Personally, I couldn’t see what all the fuss was about. A similar entry in the series, in which a totally arrogant and talentless would-be writer attempts to pitch his magnum opus to a jaded agent, has likewise gone viral. And, interestingly, some of the same humanities faculty who hated the piece on the letter of recommendation loved this one. (One expressed the wish for a flat-screen tv on her door, so that she could have it on constant replay, 24/7.)
The subtitle of the original piece really should explain its intent pretty clearly (we're talking about textual interpretation here, folks, and this is not Ulysses): “A bright motivated undergrad decides to ask her professor for a letter of recommendation to graduate school.” Then, again, the student is described as having gotten a "C," which seems contradictory as well as bizarre (you almost have to try to achieve that, given grade inflation nowadays).

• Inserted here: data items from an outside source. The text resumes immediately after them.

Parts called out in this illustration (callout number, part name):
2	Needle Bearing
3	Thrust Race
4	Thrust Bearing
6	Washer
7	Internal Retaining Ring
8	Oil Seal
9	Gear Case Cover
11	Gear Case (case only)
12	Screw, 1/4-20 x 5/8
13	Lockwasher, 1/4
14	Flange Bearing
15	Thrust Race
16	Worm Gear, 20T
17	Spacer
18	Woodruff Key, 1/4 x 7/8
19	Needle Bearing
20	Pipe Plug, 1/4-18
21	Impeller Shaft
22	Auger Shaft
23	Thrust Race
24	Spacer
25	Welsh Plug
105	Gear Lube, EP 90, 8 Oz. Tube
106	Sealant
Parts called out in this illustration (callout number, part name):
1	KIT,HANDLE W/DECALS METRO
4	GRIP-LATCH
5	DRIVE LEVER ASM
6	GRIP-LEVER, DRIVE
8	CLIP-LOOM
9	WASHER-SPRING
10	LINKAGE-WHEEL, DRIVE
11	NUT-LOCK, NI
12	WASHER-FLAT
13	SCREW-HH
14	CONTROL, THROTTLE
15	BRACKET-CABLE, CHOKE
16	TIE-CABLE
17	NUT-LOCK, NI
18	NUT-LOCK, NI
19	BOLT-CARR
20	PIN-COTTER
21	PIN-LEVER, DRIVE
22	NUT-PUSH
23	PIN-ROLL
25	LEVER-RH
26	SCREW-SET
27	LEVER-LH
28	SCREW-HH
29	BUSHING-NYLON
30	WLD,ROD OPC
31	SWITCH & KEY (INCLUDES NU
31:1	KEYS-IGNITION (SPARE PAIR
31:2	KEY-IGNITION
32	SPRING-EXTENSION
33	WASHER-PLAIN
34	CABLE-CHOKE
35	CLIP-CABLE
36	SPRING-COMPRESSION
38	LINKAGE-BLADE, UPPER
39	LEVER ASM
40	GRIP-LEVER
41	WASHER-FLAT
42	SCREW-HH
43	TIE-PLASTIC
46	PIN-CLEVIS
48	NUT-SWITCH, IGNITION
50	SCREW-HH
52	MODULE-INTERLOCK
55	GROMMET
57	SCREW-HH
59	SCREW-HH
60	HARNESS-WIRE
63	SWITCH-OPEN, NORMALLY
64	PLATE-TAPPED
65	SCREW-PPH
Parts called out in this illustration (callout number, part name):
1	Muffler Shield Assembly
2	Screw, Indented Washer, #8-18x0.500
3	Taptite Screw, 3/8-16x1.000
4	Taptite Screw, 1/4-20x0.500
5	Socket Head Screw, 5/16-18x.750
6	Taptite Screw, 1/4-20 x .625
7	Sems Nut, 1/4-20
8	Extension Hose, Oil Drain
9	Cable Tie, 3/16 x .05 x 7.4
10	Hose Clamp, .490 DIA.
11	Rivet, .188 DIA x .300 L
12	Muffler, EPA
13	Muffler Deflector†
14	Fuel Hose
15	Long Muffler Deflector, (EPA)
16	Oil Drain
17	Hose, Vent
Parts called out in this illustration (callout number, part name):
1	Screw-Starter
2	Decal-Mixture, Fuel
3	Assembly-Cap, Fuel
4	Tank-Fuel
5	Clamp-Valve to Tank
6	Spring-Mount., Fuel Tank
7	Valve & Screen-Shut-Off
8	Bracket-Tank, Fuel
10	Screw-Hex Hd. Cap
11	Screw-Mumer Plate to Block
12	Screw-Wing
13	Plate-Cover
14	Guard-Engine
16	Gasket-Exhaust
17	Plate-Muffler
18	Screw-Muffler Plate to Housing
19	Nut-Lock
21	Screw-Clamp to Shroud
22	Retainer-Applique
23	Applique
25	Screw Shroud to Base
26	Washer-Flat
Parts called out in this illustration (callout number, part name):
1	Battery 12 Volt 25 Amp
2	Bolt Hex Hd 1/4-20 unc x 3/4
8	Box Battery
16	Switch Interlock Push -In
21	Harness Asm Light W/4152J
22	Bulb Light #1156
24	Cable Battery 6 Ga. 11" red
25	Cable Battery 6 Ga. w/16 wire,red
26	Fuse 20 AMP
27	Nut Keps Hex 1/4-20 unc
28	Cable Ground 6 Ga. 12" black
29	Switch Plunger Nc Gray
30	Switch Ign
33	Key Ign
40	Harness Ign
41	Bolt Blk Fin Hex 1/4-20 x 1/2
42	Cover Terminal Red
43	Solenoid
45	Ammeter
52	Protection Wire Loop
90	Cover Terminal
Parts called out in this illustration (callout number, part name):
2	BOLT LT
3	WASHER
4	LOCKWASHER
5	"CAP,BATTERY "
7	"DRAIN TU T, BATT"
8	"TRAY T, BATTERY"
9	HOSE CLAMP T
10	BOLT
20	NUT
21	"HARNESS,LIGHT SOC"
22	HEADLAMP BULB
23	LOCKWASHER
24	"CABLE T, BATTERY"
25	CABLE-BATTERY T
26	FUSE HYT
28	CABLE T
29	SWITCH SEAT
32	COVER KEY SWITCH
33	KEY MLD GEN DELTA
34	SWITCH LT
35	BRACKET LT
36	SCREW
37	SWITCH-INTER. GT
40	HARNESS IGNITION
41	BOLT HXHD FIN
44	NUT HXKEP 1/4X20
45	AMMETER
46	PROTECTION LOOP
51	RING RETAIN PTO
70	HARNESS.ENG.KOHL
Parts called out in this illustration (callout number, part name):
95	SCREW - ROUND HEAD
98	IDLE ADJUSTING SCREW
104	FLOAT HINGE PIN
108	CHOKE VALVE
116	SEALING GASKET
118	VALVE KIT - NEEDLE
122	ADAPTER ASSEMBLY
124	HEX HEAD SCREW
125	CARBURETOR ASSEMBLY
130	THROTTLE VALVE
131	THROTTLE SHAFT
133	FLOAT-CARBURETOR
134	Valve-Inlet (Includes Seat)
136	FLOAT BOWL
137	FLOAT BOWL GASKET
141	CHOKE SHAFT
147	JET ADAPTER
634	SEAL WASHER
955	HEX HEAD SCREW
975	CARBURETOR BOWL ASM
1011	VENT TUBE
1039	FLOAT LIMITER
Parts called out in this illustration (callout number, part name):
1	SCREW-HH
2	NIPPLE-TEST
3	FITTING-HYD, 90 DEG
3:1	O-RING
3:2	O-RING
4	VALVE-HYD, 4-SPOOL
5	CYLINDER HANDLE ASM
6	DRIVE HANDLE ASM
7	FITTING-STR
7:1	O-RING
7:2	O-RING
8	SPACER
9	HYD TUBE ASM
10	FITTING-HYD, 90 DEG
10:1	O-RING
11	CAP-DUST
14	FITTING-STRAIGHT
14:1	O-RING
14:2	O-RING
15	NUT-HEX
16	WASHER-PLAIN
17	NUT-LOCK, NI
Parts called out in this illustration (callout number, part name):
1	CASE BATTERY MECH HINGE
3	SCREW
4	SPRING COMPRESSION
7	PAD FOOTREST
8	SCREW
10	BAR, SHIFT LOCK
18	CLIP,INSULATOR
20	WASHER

Perhaps, too, poor choice of the stock computerized voice assigned to the student made her sound stupid rather than merely full of the youthful idealism that we, too, once possessed.
In any case, I think the reactions were so strong because devoted scholars and teachers, lovers of culture, somehow felt their character and raison d’être threatened. At a time of economic insecurity, when the humanities face the twin threats of budget cuts and declining appreciation for seemingly non-utilitarian intellectual endeavors in society as a whole, they no doubt felt they were being told that their lives had been futile, based on a lie or a misconception.
When I was growing up, it was an annual spectacle to watch the rural Republican legislators denounce all those "lazy" professors at the large state university who never did any work. These critics apparently identified work with "contact hours," i.e. the time faculty were contractually obligated to spend with students. Fine. By that standard, I suppose we are lazy but far from the laziest or best-paid: the average professor may have 6 to 8 hours in the classroom per week and a couple more in office appointments, whereas the pro football player does, by the same measure, about 3 hours of work—and the clergy, at the bottom of this totem pole (in both quantity of labor and social utility), maybe one to one and a-half hours of work (depends on the religion and the golf schedule).
In all seriousness, I'm the first to admit that we are lucky and privileged: we do what we love and get paid for it, we enjoy unusual job security, we are to a rare extent (if not completely) in control of our own work time, conditions, and obligations, and we get long vacations, even if that vacation consists not in freedom from work, and rather, in the freedom to configure that work time in more flexible (though also more intensive than average) ways.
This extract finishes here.